Fakfak Mountains () are located on Bomberai Peninsula to the north  of Fakfak in West Papua province, Indonesia.

Geography 
Topography includes the following top elevations in Fakfak Mountains: 
Baham at 613 m (coordinates 3.0719 ° S 132.6935 ° E )
Gunung Weri at 537 m (coordinates 3.2098 ° S 132.7128 ° E )
Patimun at 499 m (coordinates 3.0444 ° S 132.5228 ° E )
Samai at 980 m (coordinates 3.1118 ° S 132.6206 ° E )

Flora and fauna
Fauna of the Fakfak Mountains includes the black-eared catbird and Oninia senglaubi, a member of the family of the narrow-mouthed frogs (Microhylidae).

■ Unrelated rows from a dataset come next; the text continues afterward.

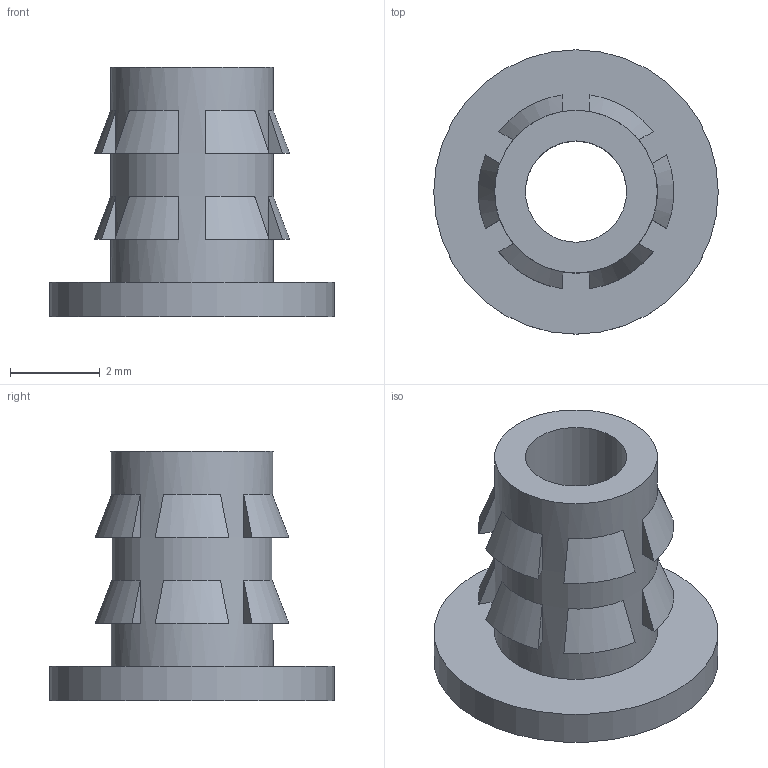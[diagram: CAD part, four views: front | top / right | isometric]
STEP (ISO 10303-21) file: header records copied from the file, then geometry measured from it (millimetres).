
FILE_DESCRIPTION (( 'STEP AP214' ), '1' );
FILE_NAME ('flanged insert 4-40.STEP', '2017-08-09T04:07:38', ( '微软用户' ), ( '微软中国' ), 'SwSTEP 2.0', 'SolidWorks 2015', '' );
FILE_SCHEMA (( 'AUTOMOTIVE_DESIGN' ));
Length unit declared in the file: millimetre
Products named in the file (1): flanged insert 4-40
Bounding box: 6.35 x 6.35 x 5.56 mm (x, y, z)
Volume: 53.3 mm3; surface area: 177.6 mm2
Topology: 1 solids, 1 shells, 55 faces, 125 edges, 83 vertices
Faces by surface type: plane 39, torus 12, cylinder 3, cone 1
Full cylindrical faces by diameter (mm): 2.261 x1, 3.632 x1, 6.35 x1
Entity records: 1566 total; most frequent: CARTESIAN_POINT 338, DIRECTION 246, ORIENTED_EDGE 230, EDGE_CURVE 115, AXIS2_PLACEMENT_3D 99, VERTEX_POINT 79, EDGE_LOOP 74, FACE_OUTER_BOUND 58

Bird species recorded at FakFak Mountains:
Papuan Eagle
Papuan Pitta
Vogelkop Bowerbird
Black Berrypecker
Little Shrikethrush
Greater Melampitta
Banded Yellow Robin
Olive Flyrobin
Island Leaf Warbler
Capped White-eye
Fairy lorikeet

Climate 
Tropical rainforest climate  prevails in the area.  The annual average temperature in the funnel is 20 °C.  The hottest month is November, when the average temperature is 21 °C, and the coldest is June, with 18 °C.   The average annual rainfall is 3 217 millimeters.  The rainy month is June, with an average of 438 mm rainfall, and the driest is October, with 167 mm rainfall.